Data excerpts

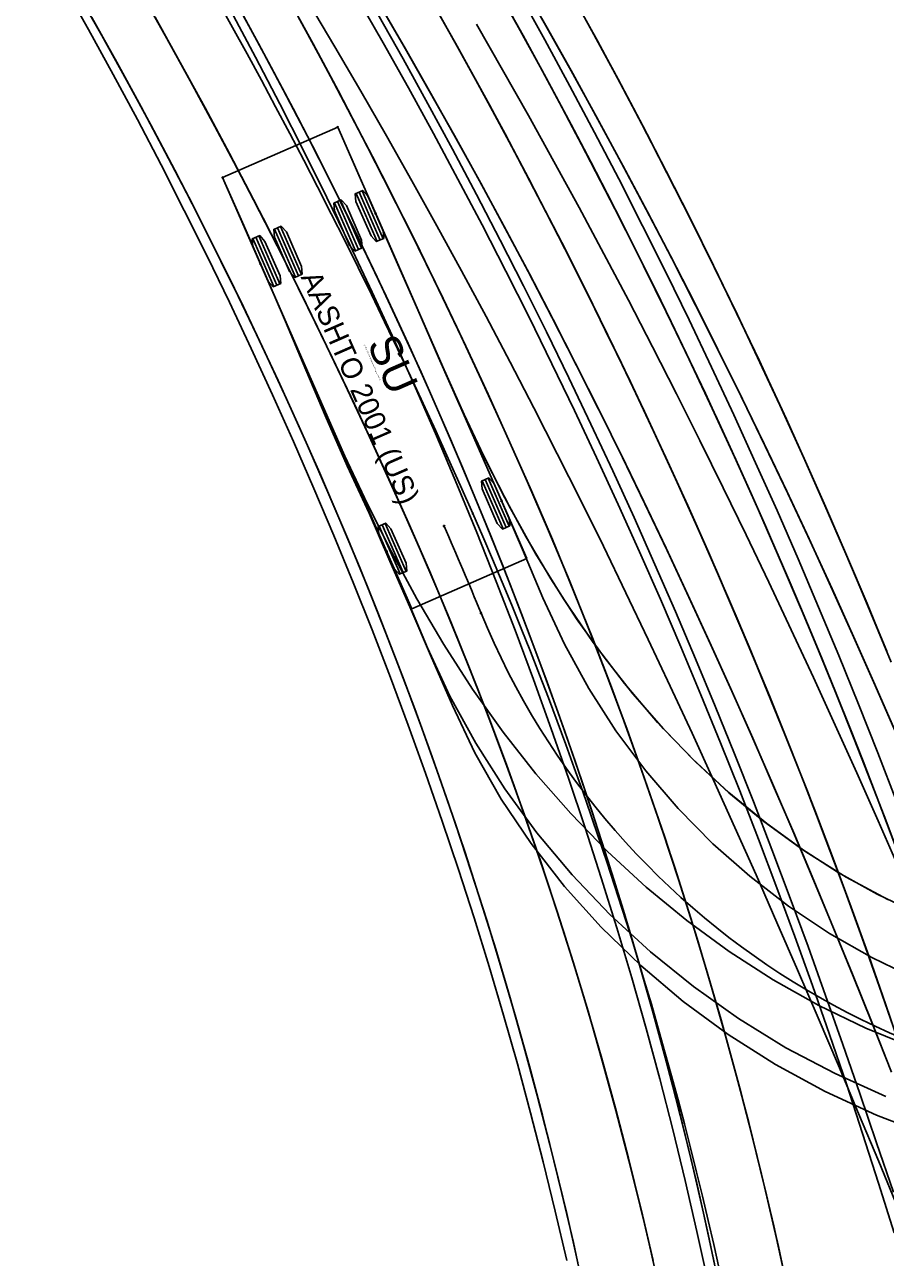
# Model space of a CAD drawing. Extents: x 916040 to 917457, y 328936 to 330267.
# Drawn here: x 916599.7 to 916654.5, y 329816 to 329894.6 of the extents above; entities that cross this region are included whole.
import ezdxf

# ---------------------------------------------------------------- set-up
doc = ezdxf.new("R2010")
doc.units = 0
for name, color, linetype in [('EB_LeftontoManchester_WB67', 7, 'Continuous'), ('EB_LeftontoManchester_WB67_v2', 7, 'Continuous'), ('NB_ThruontoManchester_WB67', 7, 'Continuous'), ('SB_LeftontoRoute25_WB67', 7, 'Continuous'), ('SB_RightontoRoute25_WB67_v2', 7, 'Continuous'), ('SB_ThruontonSacoRd_WB67', 7, 'Continuous'), ('SU_IntoDriveway_Lt', 7, 'Continuous'), ('WB_RightontoManchester_WB67', 7, 'Continuous')]:
    doc.layers.add(name, color=color, linetype=linetype)

msp = doc.modelspace()

# ---------------------------------------------------------------- linework, layer by layer
at = {"layer": 'EB_LeftontoManchester_WB67'}
for points in [[(916655.129, 329849.582), (916653.791, 329852.648), (916652.433, 329855.705), (916651.056, 329858.754), (916649.658, 329861.794), (916648.24, 329864.824), (916646.801, 329867.844), (916645.341, 329870.854), (916643.859, 329873.853), (916642.356, 329876.842), (916640.831, 329879.819), (916639.285, 329882.786), (916637.716, 329885.74), (916636.124, 329888.683), (916634.511, 329891.613), (916632.875, 329894.531), (916631.216, 329897.436)], [(916654.603, 329854.626), (916653.318, 329857.737), (916652.007, 329860.837), (916650.668, 329863.927), (916649.303, 329867.005), (916647.911, 329870.072), (916646.493, 329873.127), (916645.048, 329876.169), (916643.578, 329879.2), (916642.081, 329882.218), (916640.558, 329885.223), (916639.01, 329888.215), (916637.436, 329891.194), (916635.836, 329894.159), (916634.211, 329897.11)], [(916655.212, 329830.159), (916654.132, 329833.291), (916653.026, 329836.412), (916651.894, 329839.522), (916650.735, 329842.62), (916649.55, 329845.708), (916648.339, 329848.784), (916647.102, 329851.849), (916645.839, 329854.903), (916644.549, 329857.945), (916643.234, 329860.975), (916641.893, 329863.994), (916640.526, 329867), (916639.133, 329869.995), (916637.715, 329872.977), (916636.271, 329875.947), (916634.802, 329878.904), (916633.307, 329881.848), (916631.787, 329884.779), (916630.242, 329887.697), (916628.673, 329890.601), (916627.078, 329893.491), (916625.458, 329896.368)], [(916654.871, 329827.916), (916653.654, 329830.986), (916652.421, 329834.047), (916651.173, 329837.101), (916649.908, 329840.145), (916648.626, 329843.181), (916647.327, 329846.208), (916646.01, 329849.226), (916644.674, 329852.233), (916643.32, 329855.231), (916641.946, 329858.219), (916640.552, 329861.197), (916639.139, 329864.164), (916637.705, 329867.12), (916636.25, 329870.065), (916634.775, 329872.998), (916633.279, 329875.92), (916631.761, 329878.83), (916630.222, 329881.728), (916628.662, 329884.614), (916627.079, 329887.487), (916625.475, 329890.347), (916623.85, 329893.195), (916622.202, 329896.029)]]:
    msp.add_lwpolyline(points, dxfattribs=at)
msp.add_arc((916291.649, 329706.552), 388, 12.26429, 55.55708, dxfattribs=at)
at = {"layer": 'EB_LeftontoManchester_WB67_v2'}
for points in [[(916655.187, 329849.449), (916653.851, 329852.512), (916652.496, 329855.566), (916651.121, 329858.612), (916649.725, 329861.648), (916648.31, 329864.675), (916646.874, 329867.692), (916645.416, 329870.699), (916643.938, 329873.696), (916642.437, 329876.682), (916640.916, 329879.657), (916639.372, 329882.62), (916637.806, 329885.572), (916636.218, 329888.512), (916634.607, 329891.44), (916632.974, 329894.355), (916631.319, 329897.257)], [(916654.633, 329854.554), (916653.35, 329857.662), (916652.04, 329860.759), (916650.704, 329863.845), (916649.341, 329866.92), (916647.951, 329869.984), (916646.535, 329873.036), (916645.093, 329876.076), (916643.625, 329879.103), (916642.131, 329882.118), (916640.611, 329885.12), (916639.065, 329888.109), (916637.494, 329891.085), (916635.897, 329894.047), (916634.274, 329896.996)], [(916655.228, 329830.112), (916654.15, 329833.241), (916653.046, 329836.358), (916651.915, 329839.465), (916650.758, 329842.56), (916649.575, 329845.644), (916648.366, 329848.717), (916647.131, 329851.779), (916645.869, 329854.829), (916644.582, 329857.868), (916643.269, 329860.895), (916641.93, 329863.911), (916640.565, 329866.914), (916639.175, 329869.906), (916637.759, 329872.885), (916636.317, 329875.852), (916634.851, 329878.806), (916633.359, 329881.747), (916631.842, 329884.675), (916630.299, 329887.59), (916628.732, 329890.491), (916627.14, 329893.379), (916625.524, 329896.253)], [(916654.916, 329827.804), (916653.7, 329830.87), (916652.469, 329833.929), (916651.223, 329836.979), (916649.961, 329840.02), (916648.681, 329843.053), (916647.384, 329846.077), (916646.069, 329849.091), (916644.736, 329852.096), (916643.384, 329855.091), (916642.012, 329858.076), (916640.621, 329861.051), (916639.21, 329864.015), (916637.779, 329866.968), (916636.327, 329869.91), (916634.855, 329872.841), (916633.361, 329875.76), (916631.847, 329878.668), (916630.311, 329881.563), (916628.753, 329884.446), (916627.174, 329887.317), (916625.573, 329890.175), (916623.95, 329893.02), (916622.306, 329895.852)]]:
    msp.add_lwpolyline(points, dxfattribs=at)
msp.add_arc((916291.649, 329706.552), 388, 12.26429, 55.55708, dxfattribs=at)
at = {"layer": 'NB_ThruontoManchester_WB67'}
for points in [[(916631.225, 329896.513), (916632.843, 329893.585), (916634.435, 329890.644), (916636.003, 329887.689), (916637.545, 329884.721), (916639.061, 329881.74), (916640.552, 329878.746), (916642.018, 329875.74), (916643.457, 329872.721), (916644.871, 329869.689), (916646.259, 329866.646), (916647.621, 329863.591), (916648.956, 329860.525), (916650.265, 329857.447), (916651.548, 329854.358), (916652.804, 329851.258), (916654.034, 329848.148), (916655.241, 329845.015)], [(916634.559, 329896.482), (916636.179, 329893.527), (916637.774, 329890.559), (916639.343, 329887.576), (916640.886, 329884.58), (916642.404, 329881.572), (916643.896, 329878.55), (916645.361, 329875.515), (916646.801, 329872.468), (916648.214, 329869.409), (916649.601, 329866.337), (916650.961, 329863.254), (916652.295, 329860.159), (916653.602, 329857.053), (916654.883, 329853.936)], [(916622.198, 329895.218), (916623.805, 329892.368), (916625.387, 329889.504), (916626.945, 329886.626), (916628.478, 329883.735), (916629.987, 329880.832), (916631.471, 329877.915), (916632.929, 329874.986), (916634.363, 329872.045), (916635.771, 329869.091), (916637.154, 329866.126), (916638.512, 329863.149), (916639.844, 329860.161), (916641.15, 329857.161), (916642.431, 329854.15), (916643.686, 329851.128), (916644.914, 329848.096), (916646.117, 329845.053), (916647.299, 329841.988), (916648.456, 329838.907), (916649.592, 329835.811), (916650.708, 329832.703), (916651.806, 329829.581), (916652.89, 329826.45), (916653.964, 329823.309), (916655.032, 329820.161)], [(916626.108, 329895.222), (916627.717, 329892.339), (916629.302, 329889.443), (916630.862, 329886.534), (916632.397, 329883.611), (916633.906, 329880.675), (916635.391, 329877.726), (916636.849, 329874.765), (916638.283, 329871.791), (916639.691, 329868.805), (916641.073, 329865.807), (916642.429, 329862.797), (916643.759, 329859.776), (916645.063, 329856.743), (916646.341, 329853.699), (916647.593, 329850.644), (916648.819, 329847.579), (916650.018, 329844.503), (916651.191, 329841.417), (916652.337, 329838.321), (916653.456, 329835.216), (916654.549, 329832.101)]]:
    msp.add_lwpolyline(points, dxfattribs=at)
msp.add_arc((916291.649, 329706.552), 388, 11.6689, 55.55708, dxfattribs=at)
at = {"layer": 'SB_LeftontoRoute25_WB67'}
for points in [[(916603.015, 329896.708), (916604.62, 329893.873), (916606.197, 329891.025), (916607.744, 329888.162), (916609.262, 329885.287), (916610.751, 329882.397), (916612.208, 329879.494), (916613.634, 329876.577), (916615.029, 329873.647), (916616.392, 329870.704), (916617.722, 329867.747), (916619.019, 329864.777), (916620.282, 329861.794), (916621.512, 329858.799), (916622.707, 329855.791), (916623.867, 329852.77), (916624.992, 329849.738), (916626.081, 329846.693), (916627.134, 329843.637), (916628.151, 329840.57), (916629.131, 329837.492), (916630.075, 329834.403), (916630.981, 329831.304), (916631.849, 329828.194), (916632.682, 329825.067), (916633.476, 329821.933), (916634.227, 329818.8), (916634.934, 329815.67)], [(916607.032, 329896.744), (916608.654, 329893.869), (916610.251, 329890.98), (916611.822, 329888.076), (916613.367, 329885.159), (916614.886, 329882.228), (916616.379, 329879.284), (916617.846, 329876.327), (916619.287, 329873.357), (916620.702, 329870.374), (916622.089, 329867.379), (916623.451, 329864.371), (916624.785, 329861.352), (916626.083, 329858.324), (916627.341, 329855.28), (916628.558, 329852.222), (916629.736, 329849.15), (916630.873, 329846.063), (916631.97, 329842.963), (916633.027, 329839.85), (916634.043, 329836.724), (916635.018, 329833.585), (916635.953, 329830.435), (916636.847, 329827.273), (916637.7, 329824.1), (916638.511, 329820.917), (916639.282, 329817.724), (916640.011, 329814.521)], [(916613.651, 329895.108), (916615.239, 329892.172), (916616.797, 329889.221), (916618.325, 329886.254), (916619.822, 329883.272), (916621.288, 329880.275), (916622.722, 329877.264), (916624.123, 329874.237), (916625.491, 329871.196), (916626.825, 329868.14), (916628.126, 329865.07), (916629.391, 329861.986), (916630.622, 329858.888), (916631.817, 329855.777), (916632.976, 329852.653), (916634.099, 329849.515), (916635.185, 329846.365), (916636.233, 329843.202), (916637.244, 329840.028), (916638.217, 329836.842), (916639.152, 329833.644), (916640.048, 329830.436), (916640.908, 329827.209), (916641.727, 329823.973), (916642.504, 329820.734), (916643.236, 329817.493), (916643.923, 329814.251)], [(916617.106, 329895.1), (916618.713, 329892.135), (916620.294, 329889.157), (916621.849, 329886.164), (916623.376, 329883.158), (916624.878, 329880.139), (916626.352, 329877.106), (916627.799, 329874.061), (916629.219, 329871.002), (916630.613, 329867.932), (916631.978, 329864.849), (916633.311, 329861.747), (916634.604, 329858.627), (916635.858, 329855.49), (916637.071, 329852.335), (916638.245, 329849.164), (916639.377, 329845.978), (916640.469, 329842.776), (916641.52, 329839.56), (916642.529, 329836.331), (916643.497, 329833.088), (916644.423, 329829.832), (916645.307, 329826.565), (916646.149, 329823.286), (916646.948, 329819.996), (916647.705, 329816.696), (916648.42, 329813.387)]]:
    msp.add_lwpolyline(points, dxfattribs=at)
msp.add_circle((916628.248, 329863.406), 0.0417, dxfattribs=at)
msp.add_circle((916628.248, 329863.406), 0.0417, dxfattribs=at)
for centre, radius, start, end in [((916283.416, 329712.267), 376.5, 23.66768, 42.35327), ((916391.491, 329759.636), 258.5, 1.1947, 23.66768)]:
    msp.add_arc(centre, radius, start, end, dxfattribs=at)
at = {"layer": 'SB_RightontoRoute25_WB67_v2'}
for points in [[(916613.008, 329896.278), (916614.608, 329893.348), (916616.178, 329890.403), (916617.718, 329887.442), (916619.227, 329884.467), (916620.705, 329881.476), (916622.152, 329878.47), (916623.566, 329875.45), (916624.948, 329872.414), (916626.296, 329869.364), (916627.61, 329866.3), (916628.889, 329863.222), (916630.134, 329860.129), (916631.343, 329857.023), (916632.517, 329853.904), (916633.654, 329850.772), (916634.755, 329847.626), (916635.818, 329844.469), (916636.844, 329841.299), (916637.833, 329838.118), (916638.783, 329834.925), (916639.694, 329831.721), (916640.567, 329828.506), (916641.4, 329825.283), (916642.192, 329822.058), (916642.94, 329818.83), (916643.643, 329815.6)], [(916616.456, 329896.282), (916618.074, 329893.323), (916619.665, 329890.35), (916621.23, 329887.363), (916622.768, 329884.362), (916624.28, 329881.348), (916625.765, 329878.321), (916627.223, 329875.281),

How to complete this task
Copy out each line from the preceding entries that mentions the word "linetype".

Solution to this task
for name, color, linetype in [('EB_LeftontoManchester_WB67', 7, 'Continuous'), ('EB_LeftontoManchester_WB67_v2', 7, 'Continuous'), ('NB_ThruontoManchester_WB67', 7, 'Continuous'), ('SB_LeftontoRoute25_WB67', 7, 'Continuous'), ('SB_RightontoRoute25_WB67_v2', 7, 'Continuous'), ('SB_ThruontonSacoRd_WB67', 7, 'Continuous'), ('SU_IntoDriveway_Lt', 7, 'Continuous'), ('WB_RightontoManchester_WB67', 7, 'Continuous')]:
    doc.layers.add(name, color=color, linetype=linetype)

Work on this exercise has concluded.